Other than that, the number of inputs is important - to allow system expansion. Then, of course, price and performance. Listening is very important when selecting speakers and headphones; less important when selecting electronics. Some will argue that last point, saying that there is audible difference between amplifiers. I am old enough and my ears have lost some of their "finesse" so that is not much of a concern to me as long as the equipment is operated within its design limits.


----------



## AudioDawg (Jan 31, 2014)

Thanks.

Love that pic of your doggie by the way.


----------



## NBPk402 (Feb 21, 2012)

I believe tube equipment is a different animal than Solid State, and if you want equipment that can change the sound by tweeking you can hear a difference. If I wanted to get back into swapping cables, tip toes, different platforms for pieces of equipment, etc... I would look at a tube preamp. Just my 2 cents.:T


----------



## hjones4841 (Jan 21, 2009)

AudioDawg said:


> Thanks.
> 
> Love that pic of your doggie by the way.


Thanks. She is our sweetheart, that is for sure!


----------



## kevin360 (Oct 4, 2012)

Your decision criteria seem reasonable to me. A big one for me is the reputation of the brand. I also 'have a thing' for certain engineers. One whom I greatly admire is Kevin Hayes, so I purchased a VAC amplifier that is a bit out of my league. On the other hand, I had the cash in hand and, like you, I thought about how gazing upon it each time I listened to the big rig would make me feel. How one feels affects how one experiences - things sound better when one feels better.

This is the one component of my system which is somewhat disproportionately priced. My projector is too, but I got it from my dealer for about 1/4 of retail (and it had only been in his demo room for about 6 months). Anyway, I don't have any regrets either. I can vouch for the exemplary support provided by VAC. I'm quite sure it's my forever amp. It sounds great and is built like a tank. It's fantastically ergonomic and I think it's rather pretty.
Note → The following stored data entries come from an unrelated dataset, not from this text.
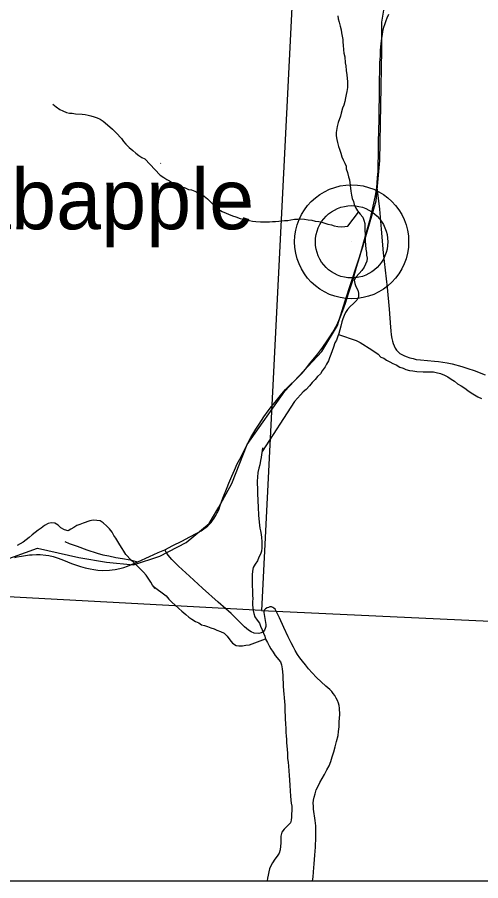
# Model space of a CAD drawing. Extents: x -3.3 to 34, y 0 to 56.8.
# Drawn here: x 2.263 to 2.868, y 28.077 to 29.204 of the extents above; entities that cross this region are included whole.
import ezdxf

# ---------------------------------------------------------------- set-up
doc = ezdxf.new("R2010")
doc.units = 0
for name, color, linetype in [('GM_X_Corporation', 7, 'Continuous'), ('GM_X_Rail_Line', 7, 'Continuous'), ('GM_X_Township_Road', 7, 'Continuous'), ('GM_X_Unincorporated', 7, 'Continuous'), ('GM_X_Unincorporated_Location', 7, 'Continuous'), ('GM_X_Unincorporated_Text', 7, 'Continuous'), ('GT_Project_Soil_Layers', 7, 'Continuous'), ('SH_Data', 7, 'Continuous')]:
    doc.layers.add(name, color=color, linetype=linetype)

msp = doc.modelspace()

# ---------------------------------------------------------------- linework, layer by layer
at = {"layer": 'GM_X_Corporation'}
msp.add_lwpolyline([(1.7459, 32.363), (1.698, 31.5661), (1.6885, 31.0075), (1.6883, 30.9953), (1.6882, 30.9891), (1.685, 30.798), (1.6538, 30.0279), (1.6459, 29.8169), (1.5942, 28.7382), (1.5699, 28.0771), (3.4961, 28.0771)], dxfattribs=at)
for points in [[(1.6326, 29.488), (2.6327, 29.4334), (2.5822, 28.4298), (1.5887, 28.4831), (1.5929, 28.5794)], [(3.4961, 28.387), (3.4961, 29.3918), (2.6327, 29.4334), (2.5822, 28.4298)]]:
    msp.add_lwpolyline(points, close=True, dxfattribs=at)
at = {"layer": 'GM_X_Rail_Line'}
msp.add_lwpolyline([(2.2428, 28.4939), (2.2897, 28.5109), (2.3437, 28.4991), (2.3801, 28.4928), (2.4151, 28.4893), (2.4497, 28.5006), (2.484, 28.5184), (2.514, 28.5434), (2.5266, 28.5647), (2.5434, 28.5954), (2.5636, 28.6464), (2.6125, 28.716), (2.6608, 28.7679), (2.6813, 28.8018), (2.6914, 28.834), (2.7145, 28.9045), (2.732, 28.9642), (2.7368, 29.0171), (2.7394, 29.1613), (2.7394, 29.1977), (2.7417, 29.2132)], dxfattribs=at)
at = {"layer": 'GM_X_Township_Road'}
for points in [[(2.2601, 28.4988), (2.2635, 28.4997), (2.2688, 28.5008), (2.2741, 28.5017), (2.2795, 28.5023), (2.2831, 28.5025), (2.2886, 28.5027), (2.2933, 28.5026), (2.3006, 28.502), (2.3046, 28.5014), (2.3103, 28.5002), (2.317, 28.498), (2.324, 28.4955), (2.3343, 28.4912), (2.3408, 28.4888), (2.3462, 28.4871), (2.3521, 28.4855), (2.3586, 28.4841), (2.3636, 28.4831), (2.3684, 28.4825), (2.3743, 28.482), (2.3839, 28.4822), (2.3875, 28.4826), (2.3911, 28.4831), (2.3971, 28.4844), (2.4026, 28.486), (2.4073, 28.4876), (2.4206, 28.4933), (2.4359, 28.5001), (2.4473, 28.5053), (2.456, 28.5091), (2.4666, 28.5145), (2.4783, 28.5202), (2.4888, 28.5258), (2.4969, 28.5303), (2.5033, 28.5338), (2.5071, 28.5363), (2.5095, 28.5381), (2.512, 28.5401), (2.5142, 28.5422), (2.5163, 28.5446), (2.5184, 28.5471), (2.5206, 28.5504), (2.5228, 28.5538), (2.5245, 28.557), (2.5263, 28.5612), (2.5284, 28.5666), (2.5319, 28.5763), (2.5373, 28.5901), (2.5396, 28.5959), (2.5435, 28.6052), (2.5468, 28.613), (2.5506, 28.6212), (2.5555, 28.6304), (2.5616, 28.6431), (2.5684, 28.6553), (2.5749, 28.6663), (2.579, 28.6728), (2.5854, 28.6823), (2.591, 28.6901), (2.5954, 28.6958), (2.6017, 28.7038), (2.6085, 28.7124), (2.6137, 28.7182), (2.6193, 28.724), (2.6265, 28.7307), (2.6306, 28.7346), (2.6347, 28.739), (2.6397, 28.7446), (2.6453, 28.752), (2.6555, 28.7649), (2.6621, 28.7735), (2.6678, 28.7818), (2.672, 28.788), (2.6752, 28.7931), (2.6792, 28.8001), (2.6817, 28.8052), (2.6854, 28.8136), (2.6884, 28.8213), (2.6917, 28.8308), (2.6957, 28.8434), (2.7014, 28.8605), (2.7063, 28.8776), (2.7104, 28.8917), (2.7158, 28.9109), (2.7211, 28.9295), (2.7243, 28.9417), (2.7272, 28.9533), (2.7298, 28.9654), (2.7308, 28.9714), (2.7325, 28.9815), (2.7331, 28.9878), (2.7337, 28.9949), (2.7342, 29.0027), (2.7346, 29.0122), (2.7347, 29.024), (2.735, 29.0424), (2.7351, 29.0549), (2.7355, 29.0718), (2.7361, 29.1114), (2.7368, 29.1444), (2.7373, 29.1534), (2.7376, 29.1607), (2.7384, 29.1698), (2.7392, 29.1765), (2.7399, 29.1813), (2.7406, 29.1853), (2.7419, 29.1909), (2.743, 29.1944), (2.7448, 29.1996), (2.7462, 29.203), (2.7484, 29.208)], [(2.7325, 28.9815), (2.7344, 28.9679), (2.7361, 28.9537), (2.7385, 28.9273), (2.7409, 28.8967), (2.7434, 28.874), (2.7461, 28.8513), (2.7486, 28.8231), (2.7507, 28.7993), (2.7509, 28.7949), (2.7515, 28.7896), (2.7521, 28.7847), (2.7531, 28.7813), (2.7542, 28.7782), (2.7553, 28.775), (2.7568, 28.7723), (2.7584, 28.7697), (2.7604, 28.7674), (2.7628, 28.7653), (2.7654, 28.7637), (2.7679, 28.7624), (2.7711, 28.761), (2.7756, 28.7596), (2.78, 28.7584), (2.7842, 28.7575), (2.7897, 28.7568), (2.8081, 28.7551), (2.8133, 28.7546), (2.8189, 28.7538), (2.8246, 28.7529), (2.831, 28.7515), (2.8434, 28.7481), (2.8516, 28.7456), (2.8597, 28.7429), (2.8742, 28.7372)], [(2.3255, 28.5196), (2.3314, 28.5171), (2.3417, 28.5135), (2.3544, 28.509), (2.3679, 28.5047), (2.3753, 28.5025), (2.3829, 28.5009), (2.392, 28.4991), (2.4009, 28.4975), (2.4106, 28.4957), (2.4154, 28.4947), (2.4206, 28.4933)], [(2.6489, 28.0771), (2.6495, 28.0818), (2.6502, 28.0885), (2.6509, 28.0992), (2.6519, 28.1102), (2.6528, 28.1207), (2.6532, 28.134), (2.653, 28.1488), (2.6523, 28.1556), (2.6502, 28.1704), (2.6499, 28.1742), (2.6498, 28.1783), (2.65, 28.1821), (2.6508, 28.1863), (2.652, 28.1906), (2.6537, 28.1955), (2.656, 28.2003), (2.6583, 28.2051), (2.6613, 28.2105), (2.6642, 28.2158), (2.6675, 28.2216), (2.6704, 28.2271), (2.6727, 28.2328), (2.6746, 28.2386), (2.6764, 28.2452), (2.6782, 28.2516), (2.6802, 28.2588), (2.6821, 28.2665), (2.6828, 28.272), (2.6835, 28.278), (2.6837, 28.2844), (2.6843, 28.294), (2.6841, 28.3024), (2.6836, 28.3056), (2.6825, 28.3089), (2.6812, 28.3123), (2.6797, 28.3155), (2.6779, 28.3187), (2.6759, 28.3214), (2.6738, 28.3239), (2.6712, 28.3265), (2.6663, 28.331), (2.6599, 28.3367), (2.6541, 28.3423), (2.6484, 28.3483), (2.6434, 28.3538), (2.6394, 28.3588), (2.6355, 28.3634), (2.6322, 28.368), (2.6293, 28.3724), (2.6262, 28.3777), (2.6238, 28.382), (2.6208, 28.3874), (2.617, 28.3955), (2.6112, 28.4076), (2.6055, 28.42), (2.6014, 28.4289), (2.5999, 28.4316), (2.5983, 28.4329), (2.5968, 28.4337), (2.5951, 28.4343), (2.5932, 28.4343), (2.5914, 28.4338), (2.5896, 28.433), (2.5875, 28.432), (2.5866, 28.4311), (2.5858, 28.4301), (2.5854, 28.429), (2.5852, 28.4271), (2.5875, 28.414), (2.5878, 28.4113), (2.5877, 28.4089), (2.587, 28.4063), (2.586, 28.4041), (2.5843, 28.402), (2.5816, 28.4005), (2.5785, 28.3996), (2.5725, 28.4003), (2.5689, 28.4019), (2.5653, 28.4039), (2.5601, 28.4083), (2.5523, 28.4163), (2.5428, 28.426), (2.5357, 28.4321), (2.5258, 28.4408), (2.5054, 28.4587), (2.4884, 28.4744), (2.4739, 28.4878), (2.4653, 28.4964), (2.4602, 28.5021), (2.4577, 28.5058), (2.456, 28.5091)]]:
    msp.add_lwpolyline(points, dxfattribs=at)
at = {"layer": 'GM_X_Unincorporated'}
for radius in [0.0744, 0.0472]:
    msp.add_circle((2.6998, 28.9109), radius, dxfattribs=at)
at = {"layer": 'GM_X_Unincorporated_Location'}
msp.add_line((2.6998, 28.9109), (2.6998, 28.9109), dxfattribs=at)
at = {"layer": 'GT_Project_Soil_Layers'}
for points in [[(2.6816, 29.2058), (2.6821, 29.202), (2.6837, 29.1975), (2.6849, 29.1922), (2.6861, 29.1876), (2.6865, 29.1838), (2.6873, 29.1793), (2.6881, 29.1751), (2.6885, 29.1713), (2.6886, 29.1675), (2.6891, 29.1615), (2.6895, 29.1569), (2.6907, 29.1524), (2.6915, 29.1444), (2.6924, 29.1407), (2.6928, 29.1346), (2.6936, 29.1289), (2.6945, 29.1198), (2.6946, 29.116), (2.6942, 29.1122), (2.6936, 29.1069), (2.6928, 29.1031), (2.6918, 29.0989), (2.6907, 29.094), (2.6896, 29.0894), (2.6878, 29.0852), (2.6863, 29.0787), (2.6852, 29.0749), (2.6823, 29.0665), (2.6808, 29.0612), (2.6794, 29.0536), (2.6795, 29.049), (2.6803, 29.0445), (2.6815, 29.0403), (2.6827, 29.0354), (2.6839, 29.0317), (2.6855, 29.0264), (2.6871, 29.0218), (2.6886, 29.0177), (2.691, 29.0135), (2.6925, 29.0098), (2.6926, 29.006), (2.6945, 29.0014), (2.6957, 28.9958), (2.6969, 28.9916), (2.6986, 28.9768), (2.6995, 28.9719), (2.7007, 28.9674), (2.7022, 28.9636), (2.703, 28.9598), (2.705, 28.9557), (2.7073, 28.9515), (2.7108, 28.947), (2.7143, 28.9429), (2.7158, 28.9391), (2.717, 28.935), (2.7173, 28.9118), (2.7178, 28.9069), (2.7182, 28.9012), (2.719, 28.897), (2.7191, 28.8933), (2.7199, 28.8895), (2.7196, 28.8857), (2.7177, 28.8819), (2.7162, 28.8777), (2.7129, 28.8734), (2.7095, 28.8696), (2.7054, 28.8646)], [(2.3101, 29.0904), (2.3143, 29.087), (2.3189, 29.0837), (2.3228, 29.0818), (2.3277, 29.0796), (2.3315, 29.0789), (2.3353, 29.0786), (2.3395, 29.0779), (2.3482, 29.0773), (2.352, 29.0769), (2.3558, 29.0762), (2.3596, 29.0751), (2.3638, 29.0741), (2.3676, 29.0726), (2.3718, 29.0711), (2.3756, 29.0685), (2.3841, 29.0611), (2.3879, 29.0581), (2.3925, 29.0532), (2.3995, 29.0457), (2.4022, 29.042), (2.4052, 29.0382), (2.4095, 29.0341), (2.4141, 29.03), (2.4183, 29.0266), (2.4221, 29.0236), (2.4259, 29.021), (2.4298, 29.0192)], [(2.4298, 29.0192), (2.45, 28.9978), (2.4546, 28.9948), (2.4585, 28.9922), (2.4623, 28.9904), (2.4661, 28.9878), (2.4699, 28.9863), (2.4741, 28.9848), (2.478, 28.9826), (2.4825, 28.9812), (2.4871, 28.9793), (2.4909, 28.9786), (2.4951, 28.9772), (2.4989, 28.9749), (2.5035, 28.9735), (2.5074, 28.9705), (2.5116, 28.9671), (2.515, 28.9634), (2.5193, 28.9596), (2.5223, 28.9559), (2.5266, 28.9529), (2.5308, 28.9503), (2.5445, 28.9448), (2.5487, 28.9433), (2.5544, 28.9415), (2.5582, 28.9404), (2.562, 28.9397), (2.5666, 28.9386), (2.5704, 28.9379), (2.5746, 28.9376), (2.5807, 28.9369), (2.5928, 28.9371), (2.5966, 28.9375), (2.6004, 28.9376), (2.6046, 28.938), (2.6084, 28.9381), (2.6122, 28.9389), (2.6164, 28.9389), (2.6205, 28.9397), (2.6254, 28.9406), (2.6296, 28.9406), (2.6334, 28.9407), (2.6384, 28.9404), (2.6429, 28.9397), (2.6479, 28.939), (2.6524, 28.9379), (2.657, 28.9372), (2.6608, 28.9365), (2.6646, 28.9354), (2.6688, 28.9339), (2.6734, 28.9329), (2.6772, 28.9318), (2.6818, 28.9307), (2.686, 28.9304), (2.6909, 28.9308), (2.6947, 28.9313), (2.7089, 28.9495)], [(2.4505, 29.0133), (2.4506, 29.0134)], [(2.7054, 28.8646), (2.7032, 28.8608), (2.704, 28.8563), (2.7052, 28.8525), (2.7079, 28.848), (2.7087, 28.8438), (2.7088, 28.8392), (2.7065, 28.8347), (2.7024, 28.8304), (2.6979, 28.8266), (2.6946, 28.8227), (2.6919, 28.8185), (2.6901, 28.8147), (2.6883, 28.8105), (2.6868, 28.8063), (2.6857, 28.801), (2.6843, 28.796), (2.6832, 28.7911), (2.6813, 28.7865), (2.6799, 28.7827), (2.678, 28.7789), (2.6762, 28.7735), (2.6744, 28.7686), (2.6725, 28.764), (2.6711, 28.7594), (2.6696, 28.7556), (2.667, 28.7514), (2.6651, 28.7476), (2.6614, 28.7426), (2.6592, 28.7388), (2.6554, 28.7353), (2.6524, 28.7311), (2.6483, 28.7273), (2.645, 28.723), (2.6405, 28.7181), (2.6367, 28.715), (2.633, 28.7111), (2.6292, 28.7069), (2.6251, 28.7027), (2.583, 28.6374)], [(2.6828, 28.7901), (2.7057, 28.7823), (2.7111, 28.7793), (2.726, 28.77), (2.7344, 28.7641), (2.7379, 28.7603), (2.7417, 28.7589), (2.7455, 28.7563), (2.7497, 28.7544), (2.7536, 28.7522), (2.7578, 28.7504), (2.7627, 28.7474), (2.7669, 28.7459), (2.7707, 28.7441), (2.7753, 28.743), (2.7795, 28.7423), (2.7848, 28.7416), (2.7932, 28.741), (2.8065, 28.7411), (2.8103, 28.7404), (2.8156, 28.739), (2.821, 28.7368), (2.8252, 28.7346), (2.8298, 28.7316), (2.834, 28.729), (2.8378, 28.7256), (2.8428, 28.723), (2.8474, 28.7197), (2.8512, 28.7167), (2.8558, 28.7137), (2.86, 28.7111), (2.8646, 28.7085), (2.8692, 28.7063)], [(2.5834, 28.6421), (2.5831, 28.6379), (2.5823, 28.6333), (2.5816, 28.6295), (2.5809, 28.6254), (2.5798, 28.62), (2.5787, 28.6155), (2.5776, 28.6098), (2.5769, 28.6037), (2.5766, 28.5984), (2.5766, 28.5946), (2.577, 28.5896), (2.5771, 28.5798), (2.5775, 28.576), (2.5777, 28.5615), (2.5781, 28.5574), (2.5781, 28.5536), (2.5785, 28.5498), (2.5793, 28.5452), (2.5802, 28.5373), (2.581, 28.5335), (2.5818, 28.5289), (2.5822, 28.5248), (2.5826, 28.5198), (2.5827, 28.5115), (2.582, 28.5073), (2.5809, 28.5031), (2.5786, 28.4993), (2.5768, 28.4947), (2.5738, 28.4901), (2.5712, 28.4859), (2.5704, 28.481), (2.5701, 28.4764), (2.5698, 28.4726), (2.5702, 28.4685), (2.5703, 28.4495), (2.5708, 28.4453), (2.5704, 28.4411), (2.5705, 28.4373), (2.5713, 28.4298), (2.5721, 28.4256), (2.5736, 28.4214), (2.5767, 28.4173), (2.5794, 28.4131), (2.5809, 28.4094), (2.5829, 28.4044), (2.5848, 28.4003), (2.5864, 28.3961), (2.5875, 28.3923), (2.5899, 28.3878), (2.5922, 28.3837), (2.5945, 28.3799), (2.5976, 28.3754), (2.5999, 28.3712), (2.6068, 28.3629), (2.6083, 28.3588), (2.6091, 28.3538), (2.61, 28.3455), (2.61, 28.3406), (2.6104, 28.3349), (2.6105, 28.3311), (2.6109, 28.3254), (2.6113, 28.3205), (2.6117, 28.3163), (2.6122, 28.3106), (2.6126, 28.3068), (2.6127, 28.2973), (2.6131, 28.2928), (2.6131, 28.2878), (2.6136, 28.2821), (2.614, 28.2753), (2.614, 28.2711), (2.6145, 28.2658), (2.6149, 28.262), (2.6149, 28.2571), (2.6153, 28.2529), (2.6162, 28.2434), (2.6162, 28.237), (2.617, 28.2313), (2.6175, 28.2271), (2.6179, 28.2199), (2.6183, 28.215), (2.6192, 28.2017), (2.6197, 28.1938), (2.6201, 28.1877), (2.6205, 28.1824), (2.6209, 28.1782), (2.6217, 28.1744), (2.6218, 28.1687), (2.6214, 28.1638), (2.6215, 28.16), (2.6208, 28.1562), (2.62, 28.1524), (2.6163, 28.1485), (2.6118, 28.1443), (2.6088, 28.1405), (2.6073, 28.1352), (2.6074, 28.1264), (2.6067, 28.1173), (2.6052, 28.1131), (2.6026, 28.1089)], [(2.4434, 28.4584), (2.44, 28.4626), (2.4377, 28.4667), (2.4315, 28.4758), (2.4284, 28.4796), (2.4246, 28.4833), (2.4203, 28.4878), (2.4161, 28.492), (2.4123, 28.4954), (2.4053, 28.5029), (2.4026, 28.5071), (2.4003, 28.5108), (2.3972, 28.5154), (2.3949, 28.5199), (2.3922, 28.5241), (2.3895, 28.5278), (2.3872, 28.532), (2.3837, 28.5362), (2.3802, 28.5399), (2.3756, 28.5441), (2.3718, 28.5467), (2.3672, 28.5474), (2.3627, 28.5477), (2.3581, 28.5466), (2.3494, 28.5438), (2.3452, 28.5419), (2.3414, 28.5407), (2.3372, 28.538), (2.3334, 28.5357), (2.3297, 28.5337), (2.3251, 28.5348), (2.3205, 28.5375), (2.317, 28.5412), (2.3124, 28.5438), (2.3078, 28.5442), (2.304, 28.5434), (2.2991, 28.5407), (2.2946, 28.5372), (2.2908, 28.5345), (2.287, 28.5314), (2.2829, 28.5283), (2.2791, 28.5249), (2.2749, 28.5218), (2.2711, 28.5191), (2.2673, 28.5168), (2.2632, 28.5145)], [(2.4407, 28.4617), (2.4578, 28.4487), (2.4612, 28.4446), (2.465, 28.4408), (2.4696, 28.4367), (2.4742, 28.4322), (2.4784, 28.4288), (2.4834, 28.4243), (2.4872, 28.4209), (2.4914, 28.4183), (2.496, 28.4153), (2.5002, 28.4135), (2.504, 28.4112), (2.5078, 28.4101), (2.5116, 28.4087), (2.5161, 28.4072), (2.5203, 28.4057), (2.5241, 28.4042), (2.5287, 28.4024), (2.5333, 28.4001), (2.5375, 28.3964), (2.5409, 28.3915), (2.5444, 28.387), (2.5489, 28.384), (2.5527, 28.3836), (2.5573, 28.3837), (2.5618, 28.3845), (2.5664, 28.3849), (2.5874, 28.3927)], [(2.6026, 28.1089), (2.5996, 28.1051), (2.5966, 28.1005), (2.5944, 28.0963), (2.5925, 28.0925), (2.5918, 28.0887), (2.5907, 28.0841), (2.59, 28.0803), (2.5895, 28.0771)]]:
    msp.add_lwpolyline(points, dxfattribs=at)
at = {"layer": 'SH_Data'}
msp.add_line((-3.3039, 28.0771), (3.4961, 28.0771), dxfattribs=at)

# ---------------------------------------------------------------- texts
at = {"layer": 'GM_X_Unincorporated_Text'}
msp.add_text('Crabapple', height=0.07898, rotation=0, dxfattribs=at).set_placement((2.0853, 28.9273))

doc.saveas('drawing.dxf')

BTW, Cary was on my short list. That's a terrific preamp. I agree that it looks great too.


----------



## ALMFamily (Oct 19, 2011)

Reliability is high up for me as well - as well as a good reputation for customer service. I also take the advice from the members here with high regard...


----------



## tonyvdb (Sep 5, 2007)

Functionality and ease of use are high on my list as is sound quality (speakers) and build quality. 
You do not need to break the bank to get a very good system as long as you ask the right questions and know what your looking for. Do your homework before you buy and never let pressure sales get the best of you.
There are some great deals to be found in used equipment and even the odd find that's free.


----------



## chashint (Jan 12, 2011)

When I first looked into replacing my old HiFi electronics with "modern" technology there were so many problems with HDMI compatibility that I bailed out and waited another three years.
Even then HDMI issues were at the top of the forum topics around the internet.
I chose Pioneer for the AVR almost entirely because there were significantly less problems being reported compared to the other brands.
Working as advertized is a major element for me with electronics.
For speakers I have to listen and decide what I am willing to spend.


----------



## Savjac (Apr 17, 2008)

Good Point, working as advertised. 

I guess I need to go in knowing the quality is there, it has to work good for a long time and it has to do what I want it to do, functionally and sonically. The 30 return period is a blessing to be sure. 
It does have to look good as I see the equipment every day and most stuff today looks pretty good. I remember when Hafler was releasing stuff, it was so plain, but it worked well.
It has to be in a proper price range as dictated by Mr. Wallet and that is about it I would guess.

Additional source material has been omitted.